2010-08-11 Thread Lisandro Vaccaro
We should use launchpad, we can add add comments or citations using a wiki
page, create a blueprint or let me know and I'll do it myself.

My only question is what would our main goals be?

I've divided the message between Randall and Martin in three topics:

- On the first paragraphs you say we have a lot of people doing different
things or disjointed micro marketing efforts.

- Then there is the problem of communication between all the initiatives.
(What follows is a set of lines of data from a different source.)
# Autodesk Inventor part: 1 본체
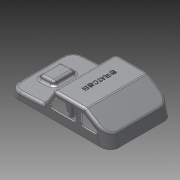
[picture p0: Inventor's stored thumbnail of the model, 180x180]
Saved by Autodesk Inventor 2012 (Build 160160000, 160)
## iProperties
Created: 2015-05
Part Number: 1 본체
Material: Default
Document SubType Name: Modeling
Designer: Owner
Density: 1 g/cm^3
Author: Owner
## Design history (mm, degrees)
sketch "스케치1"
  geometry: L1 (0, 0)-(122, 0); L2 (2.174, 9.114)-(42, 11.201); L3 (42, 11.201)-(54.372, 31); L4 (0, 0)-(0, 9); L5 (2.174, 9.114)-(0, 9); L6 (54.372, 31)-(92, 31); L7 (92, 31)-(118.378, 14.517); L8 (0, 0)-(0, 1); L9 (2.174, 9.114)-(0, 1); L10 (118.378, 14.517)-(122, 1); L11 (122, 1)-(122, 0)
  constraints: 22 end point, 3 point on line, 2 perpendicular, 1 collinear, 1 horizontal, 1 parallel
  dimensions: "d0" = 122 distance of L1.start L1.end; "d6" = 125 deg angle of L3 L2; "d8" = 42 horizontal distance of L2.end L1.start; "d10" = 3 deg angle of L1 L2; "d15" = 9 distance of L1.start L4.end; "d24" = 31 distance between parallel lines of L1 L6; "d26" = 30 horizontal distance of L1.end L6.end; "d52" = 1 distance of L1.start L8.end; "d53" = 105 deg angle of L1 L9; "d54" = 1 distance of L10.end L1.end; "d56" = 105 deg angle of L1 L10
extrude "돌출1" new body sketch "스케치1" stored distance "d12" = 76; taper "d13" = 0 deg
fillet "모깎기1" dims "d14" = 12
sketch "스케치3"
  geometry: L1 (92, 31)-(118.378, 14.517) reference; L2 (54.372, 31)-(92, 31) reference; L3 (42, 11.201)-(54.372, 31) reference; L4 (122, 0)-(0, 0) reference; L5 (47.77, 11)-(57.143, 26); L6 (90.566, 26)-(114.571, 11); L7 (81.77, 26)-(81.77, 11); L8 (86.571, 11)-(86.571, 26); L9 (57.143, 26)-(81.77, 26); L10 (86.571, 26)-(90.566, 26); L11 (114.571, 11)-(86.571, 11); L12 (81.77, 11)-(47.77, 11); 3 further points
  constraints: 16 end point, 9 parallel, 2 collinear, 2 perpendicular
  dimensions: "d28" = 34 distance of L7.end L5.start; "d29" = 28 distance of L6.end L8.start; "d30" = 5 distance between parallel lines of L5 L3; "d32" = 5 distance between parallel lines of L1 L6; "d33" = 5 distance between parallel lines of L9 L2; "d34" = 15 distance between parallel lines of L12 L9
sketch "스케치4"
  geometry: L1 (11, 9.576)-(12.556, 14.665); L2 (12.556, 14.665)-(28.921, 15.523); L3 (28.921, 15.523)-(31, 10.625); L4 (42, 11.201)-(14.774, 9.774) reference; L5 (2.174, 9.114)-(14.774, 9.774) reference; 1 further point
  constraints: 6 end point, 2 point on line
  dimensions: "d41" = 20 horizontal distance of L3.end L1.start; "d42" = 11 horizontal distance of L1.start point (0, 0); "d58" = 70 deg angle of L5 L1; "d59" = 70 deg angle of L4 L3; "d60" = 5 distance between parallel lines of L4 L2
extrude "돌출3" join sketch "스케치4" stored distance "d43" = 26; taper "d44" = 0 deg
fillet "모깎기5" dims "d145" = 3
fillet "모깎기4" dims "d49" = 3
feature "쉘3" dims "d45" = 2
extrude "돌출4" cut sketch "스케치3" stored distance "d46" = 26; taper "d47" = 0 deg
fillet "모깎기3" dims "d48" = 3
sketch "스케치6"
  geometry: L1 (109.845, -66.479)-(109.845, -9.521) reference; L2 (97.689, 0)-(0, 0) reference; L3 (-12.155, -9.521)-(-12.155, -66.479) reference; L4 (0, -76)-(97.689, -76) reference; L5 (0, -1)-(97.689, -1); L6 (108.845, -9.632)-(108.845, -66.368); L7 (97.689, -75)-(0, -75); L8 (-11.155, -66.368)-(-11.155, -9.632); 5 further points; 4 other entities
  constraints: 8 end point, 7 parallel, 16 other
  dimensions: "d67" = 1 distance between parallel lines of L5 L2
extrude "돌출6" cut sketch "스케치6" distance "d68" = 1; taper "d69" = 0 deg
sketch "스케치7"
  geometry: L1 (-12.155, -64)-(-12.155, -12) reference; L2 (0.268, 0)-(97.421, 0) reference; L3 (0, -75)-(97.689, -75) reference; L4 (48.845, 0)-(48.845, -75); C1 r 3 at (8.845, -38); C2 r 3 at (88.845, -38); C3 r 3 at (48.845, -60); C4 r 3 at (48.845, -16); 2 further points
  constraints: 4 centre point, 3 equal radius, 3 midpoint, 2 end point, 2 horizontal alignment, 2 point on line
  dimensions: "d72" = 6 diameter of C1; "d73" = 40 distance from line of L4 C1.centre; "d74" = 40 distance from line of L4 C2.centre; "d75" = 22 vertical distance of point (-12.155, -38) C3.centre; "d76" = 22 vertical distance of point (-12.155, -38) C4.centre
extrude "돌출7" join sketch "스케치7" stored distance "d77" = 1; taper "d78" = 0 deg
sketch "스케치12"
  geometry: L1 (26.564, 13.396)-(15.122, 12.797) reference; L2 (18, 1)-(18, 12.947) reference; L3 (24, 1)-(24, 13.262) reference; L4 (16, 3)-(26, 3); L5 (26, 3)-(27.78, 13.093); L6 (16, 3)-(14.28, 12.753); L7 (14.059, 12.741)-(15.122, 12.797) reference; L8 (26.564, 13.396)-(27.627, 13.452) reference; L9 (27.627, 13.452)-(28.338, 11.777) reference; L10 (109.845, 0)-(12.155, 0) reference; 1 further point
  constraints: 6 end point, 2 point on line, 1 perpendicular
  dimensions: "d148" = 10 distance of L4.start L4.end; "d149" = 2 distance from line of L2 L4.start; "d150" = 10 deg angle of L2 L6; "d151" = 10 deg angle of L3 L5; "d152" = 3 distance between parallel lines of L10 L4
extrude "돌출9" join sketch "스케치12" stored distance "d153" = 2; taper "d154" = 0 deg
sketch "스케치13"
  geometry: L1 (104.215, 21.009)-(91.427, 29) reference; L2 (104.215, 21.009)-(116.65, 13.239) reference; L3 (91.415, 29)-(96, 3); L4 (96, 3)-(106, 3); L5 (106, 3)-(108.683, 18.217); L6 (109.845, 0)-(12.155, 0) reference; L7 (104, 1)-(104, 21.143) reference; L8 (91.427, 29)-(55.48, 29) reference; 1 further point
  constraints: 6 end point, 2 point on line, 1 horizontal
  dimensions: "d155" = 3 distance between parallel lines of L6 L4; "d156" = 10 distance of L3.end L4.end; "d157" = 2 distance from line of L4.end L7; "d158" = 10 deg angle of L7 L3; "d159" = 10 deg angle of L5 L7
extrude "돌출10" join sketch "스케치13" stored distance "d160" = 2; taper "d161" = 0 deg
node "작업 평면3"
sketch "스케치14"
  geometry: L1 (58, 1)-(58, 29) reference; L2 (64, 1)-(64, 29) reference; L3 (91.427, 29)-(55.48, 29) reference; L4 (55.48, 29)-(43.144, 9.258) reference; L5 (52.31, 23.927)-(56, 3); L6 (56, 3)-(66, 3); L7 (66, 3)-(70.585, 29); L8 (109.845, 0)-(12.155, 0) reference; 1 further point
  constraints: 6 end point, 2 point on line, 1 parallel
  dimensions: "d163" = 10 deg angle of L1 L5; "d164" = 10 deg angle of L7 L2; "d165" = 3 distance between parallel lines of L8 L6; "d166" = 10 distance of L5.end L6.end; "d167" = 2 distance from line of L1 L5.end
extrude "돌출11" join sketch "스케치14" stored distance "d168" = 2; taper "d169" = 0 deg
hole "구멍1" diameter "d97" = 3.242; stored, may be unused: countersink angle "d101" = 90 deg, drill point angle "d103" = 118 deg; dims "d95" = 10, "d96" = 10, "d98" = 9, "d99" = 4, "d100" = 2, "d102" = 11
hole "구멍2" diameter "d106" = 3.242; stored, may be unused: countersink angle "d110" = 90 deg, drill point angle "d112" = 118 deg; dims "d104" = 10, "d105" = 10, "d107" = 9, "d108" = 4, "d109" = 2, "d111" = 11
hole "구멍3" diameter "d115" = 3.242; stored, may be unused: countersink angle "d119" = 90 deg, drill point angle "d121" = 118 deg; dims "d113" = 10, "d114" = 10, "d116" = 9, "d117" = 4, "d118" = 2, "d120" = 11
hole "구멍4" diameter "d124" = 3.242; stored, may be unused: countersink angle "d128" = 90 deg, drill point angle "d130" = 118 deg; dims "d122" = 10, "d123" = 10, "d125" = 9, "d126" = 4, "d127" = 2, "d129" = 11
node "작업 평면1"
sketch "스케치10"
  geometry: L1 (-1, -26)-(-1, -38) reference; L2 (-1, -26)-(-1, 26) reference; A1 r 4 centre (-1, -10) between (-1, -6) and (-1, -14); A2 r 4 centre (-1, -21) between (-1, -17) and (-1, -25); 1 further point
  constraints: 6 point on line, 4 point on circle, 2 centre point
  dimensions: "d132" = 10 vertical distance of point (0, 0) A1.centre; "d133" = 11 distance of A1.centre A2.centre; "d134" = 4 radius of A2; "d135" = 4 radius of A1
extrude "돌출8" join sketch "스케치10" stored distance "d136" = 2; taper "d137" = 0 deg
node "작업 평면2"
sketch "스케치11"
  geometry: L1 (66.628, 66.368)-(66.628, 9.632) reference; 2 further points
  constraints: 1 horizontal alignment, 1 other
  dimensions: "d139" = 50 distance from line of point (16.628, 38) L1
feature "엠보싱1" sketch "스케치11" dims "d140" = 0.5, "d141" = 0
chamfer "모따기1" distance "d142" = 1; stored, may be unused: second distance "d143" = 2, angle "d144" = 45 deg
fillet "모깎기6" dims "d146" = 3
fillet "모깎기7" dims "d147" = 3
node "솔리드1"
mirror "대칭2"
mirror "대칭1"
other parameters: "d131" = -2, "d162" = 22

- And finally there is also talk about that we should decide our standpoint
on certain issues and on the last paragraphs the idea of a marketing pledge
arises.

I think it would be easier to start gathering material and writing the
pledge on a wiki.


2010/8/11 Randall Ross rand...@executiv.es

 Could we use Launchpad for this effort, starting with some marketing
 blueprints? Piggy-backing off of this page:
 https://launchpad.net/~ubuntu-marketing

 --


 On 10-08-10 08:38 PM, Martin Owens wrote:
  Can we use a scratch pad to start off with and then perhaps move to
  something more structured later? I really liked the gplv3 comments
  software, I thought that was very cool, but it's hard to find/setup. I'm
  not using the right language in searches, can anyone else find some web
  software which allows users to make changes to a document just like a
  wiki, but instead of it effecting the master document it simply goes
  into a branch of it which is easily viewable?
 
  +1 feature for having commenting directly tied to parts of the text too.
 
  Martin
 
  On Tue, 2010-08-10 at 18:28 -0300, Lisandro Vaccaro wrote:
 
  I think this has been the best summary of what we have to do. I'll
  start to build a sort of declaration of values accessible to anyone,
  I'll copy most from Ubuntu official statements and also provide our
  material regarding marketing. Obviously anyone is free to help or at
  least give feedback when I make a first sketch.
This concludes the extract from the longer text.